My LO is also behaving this way... A pediatric nurse told me that babies can teethe anywhere from birth (some babies are born with teeth, I was told!) until way into toddlerhood... Thanks for the rec on the teething drops, soybeansmama!


----------



## california_mom (Sep 30, 2007)

I was told that there are two stages to teething. The first is when the teeth move in the jaw, then the second is the typical teething in later months. Both stages are painful/uncomfortable. I have yet to get confirmation that there is a "Stage 1" from a dentist (even though my brother is one, but he says it's not his specialty. Apparently, knowing what happens when you're an infant is a "specialty"







.)

My son was teething at 9 weeks also... it comes and goes...

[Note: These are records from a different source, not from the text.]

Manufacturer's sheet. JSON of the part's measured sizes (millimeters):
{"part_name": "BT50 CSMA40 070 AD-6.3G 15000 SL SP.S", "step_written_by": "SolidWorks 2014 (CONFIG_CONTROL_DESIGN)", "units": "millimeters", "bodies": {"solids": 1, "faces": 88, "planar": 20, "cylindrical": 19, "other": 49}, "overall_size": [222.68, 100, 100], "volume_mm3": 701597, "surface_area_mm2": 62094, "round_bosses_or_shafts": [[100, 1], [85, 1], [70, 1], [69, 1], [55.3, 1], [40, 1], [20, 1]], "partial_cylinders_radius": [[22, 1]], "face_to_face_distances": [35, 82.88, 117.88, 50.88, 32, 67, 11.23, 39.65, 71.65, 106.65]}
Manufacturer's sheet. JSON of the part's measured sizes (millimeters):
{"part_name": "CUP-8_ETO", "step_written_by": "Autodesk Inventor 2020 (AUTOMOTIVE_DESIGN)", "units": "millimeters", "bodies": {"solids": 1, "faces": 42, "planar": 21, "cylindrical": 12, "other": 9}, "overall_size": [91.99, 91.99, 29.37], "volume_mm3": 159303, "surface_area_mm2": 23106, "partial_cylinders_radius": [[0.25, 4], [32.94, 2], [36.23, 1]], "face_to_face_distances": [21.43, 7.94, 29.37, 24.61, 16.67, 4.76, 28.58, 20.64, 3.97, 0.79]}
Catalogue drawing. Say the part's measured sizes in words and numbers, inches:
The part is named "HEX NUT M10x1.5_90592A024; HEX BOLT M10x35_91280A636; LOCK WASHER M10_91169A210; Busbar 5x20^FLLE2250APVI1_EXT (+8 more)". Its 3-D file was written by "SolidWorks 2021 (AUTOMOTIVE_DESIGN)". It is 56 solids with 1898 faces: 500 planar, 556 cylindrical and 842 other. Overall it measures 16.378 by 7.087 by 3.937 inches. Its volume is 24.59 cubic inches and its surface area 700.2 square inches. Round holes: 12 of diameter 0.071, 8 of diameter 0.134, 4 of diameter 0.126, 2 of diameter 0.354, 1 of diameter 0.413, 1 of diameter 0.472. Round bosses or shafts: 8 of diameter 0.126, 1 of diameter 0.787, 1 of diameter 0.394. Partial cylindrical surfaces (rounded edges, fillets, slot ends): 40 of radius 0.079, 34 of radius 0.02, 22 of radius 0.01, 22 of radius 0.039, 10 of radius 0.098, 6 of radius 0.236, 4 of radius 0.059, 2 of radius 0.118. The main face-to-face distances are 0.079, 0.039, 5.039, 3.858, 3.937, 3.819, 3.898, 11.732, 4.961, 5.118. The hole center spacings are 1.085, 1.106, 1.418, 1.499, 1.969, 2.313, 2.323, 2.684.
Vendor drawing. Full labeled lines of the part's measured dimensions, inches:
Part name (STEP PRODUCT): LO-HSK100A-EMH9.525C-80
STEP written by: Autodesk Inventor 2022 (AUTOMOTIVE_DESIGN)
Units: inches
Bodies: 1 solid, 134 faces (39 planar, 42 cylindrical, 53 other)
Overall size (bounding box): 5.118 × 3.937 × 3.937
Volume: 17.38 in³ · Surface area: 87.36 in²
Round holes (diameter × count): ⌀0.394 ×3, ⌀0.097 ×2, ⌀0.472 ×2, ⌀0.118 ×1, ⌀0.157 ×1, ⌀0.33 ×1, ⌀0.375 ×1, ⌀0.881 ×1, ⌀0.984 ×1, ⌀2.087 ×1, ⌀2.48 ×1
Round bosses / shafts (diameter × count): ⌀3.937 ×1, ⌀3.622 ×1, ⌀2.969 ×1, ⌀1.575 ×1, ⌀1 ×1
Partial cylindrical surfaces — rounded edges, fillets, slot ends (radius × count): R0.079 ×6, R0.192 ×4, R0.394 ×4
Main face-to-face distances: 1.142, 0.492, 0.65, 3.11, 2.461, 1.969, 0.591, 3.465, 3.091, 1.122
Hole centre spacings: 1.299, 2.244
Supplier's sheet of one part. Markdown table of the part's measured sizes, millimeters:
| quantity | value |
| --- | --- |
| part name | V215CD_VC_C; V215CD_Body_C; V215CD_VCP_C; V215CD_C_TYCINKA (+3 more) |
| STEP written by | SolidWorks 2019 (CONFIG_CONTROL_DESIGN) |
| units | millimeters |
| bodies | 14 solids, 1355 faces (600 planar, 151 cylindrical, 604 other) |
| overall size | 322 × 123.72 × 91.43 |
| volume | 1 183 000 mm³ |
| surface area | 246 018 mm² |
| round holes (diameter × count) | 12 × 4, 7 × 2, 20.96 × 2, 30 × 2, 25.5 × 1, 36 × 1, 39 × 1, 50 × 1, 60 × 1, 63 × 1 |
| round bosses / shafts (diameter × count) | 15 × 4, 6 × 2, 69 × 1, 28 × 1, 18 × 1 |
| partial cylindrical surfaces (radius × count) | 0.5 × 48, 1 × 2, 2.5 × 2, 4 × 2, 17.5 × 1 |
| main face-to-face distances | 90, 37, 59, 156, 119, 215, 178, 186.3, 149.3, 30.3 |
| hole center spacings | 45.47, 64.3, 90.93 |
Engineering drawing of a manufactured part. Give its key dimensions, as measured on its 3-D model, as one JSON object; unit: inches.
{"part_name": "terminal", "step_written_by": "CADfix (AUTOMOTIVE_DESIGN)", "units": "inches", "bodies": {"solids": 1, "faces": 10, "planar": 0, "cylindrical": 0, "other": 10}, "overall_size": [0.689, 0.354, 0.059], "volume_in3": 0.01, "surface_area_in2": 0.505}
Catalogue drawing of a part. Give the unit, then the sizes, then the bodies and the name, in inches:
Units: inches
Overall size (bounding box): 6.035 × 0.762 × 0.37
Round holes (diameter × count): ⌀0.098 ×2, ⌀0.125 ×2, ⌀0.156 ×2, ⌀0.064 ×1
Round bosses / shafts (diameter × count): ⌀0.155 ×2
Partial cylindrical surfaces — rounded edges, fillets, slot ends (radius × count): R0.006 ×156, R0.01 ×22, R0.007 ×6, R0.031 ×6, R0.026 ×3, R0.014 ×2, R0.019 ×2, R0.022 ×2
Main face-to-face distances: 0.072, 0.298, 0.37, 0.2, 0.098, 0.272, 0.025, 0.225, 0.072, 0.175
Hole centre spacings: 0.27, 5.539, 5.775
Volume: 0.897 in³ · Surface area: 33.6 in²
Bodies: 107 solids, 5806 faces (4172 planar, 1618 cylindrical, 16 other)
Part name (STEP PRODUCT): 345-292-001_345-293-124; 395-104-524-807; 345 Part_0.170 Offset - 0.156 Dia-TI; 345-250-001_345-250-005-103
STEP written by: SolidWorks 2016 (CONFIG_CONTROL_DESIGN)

We used Hylands Teething gel, which my husband swears by. I'm not so sure it worked. I think by the time we ended up giving it to ds, he was so tired that he would have fallen asleep regardless of the gel. We now have the teething tablets, but haven't tried them yet.


----------



## Smokering (Sep 5, 2007)

Hmm. My DD's 14 weeks and has been doing the same for a few weeks. I asked my mother if it was too early for teething and she gave one of those grim 'Hah!' sounds that indicates no, it isn't.









Come to think of it though, she hasn't done it for a few days. Maybe it was something to do with the cold she had? She's only recently 'discovered' her hands; maybe she was just getting carried away with excitement at their existence?


----------



## veganf (Dec 12, 2005)

Sure it's possible. All 3 of my kids had teeth by their 3 month bdays.
I didn't do much of anything, just gave them toys (or even my finger) to gnaw on. Sometimes I'd use some Hyland's teething gel, though I don't think it actually does anything.


----------



## Datura (Mar 18, 2005)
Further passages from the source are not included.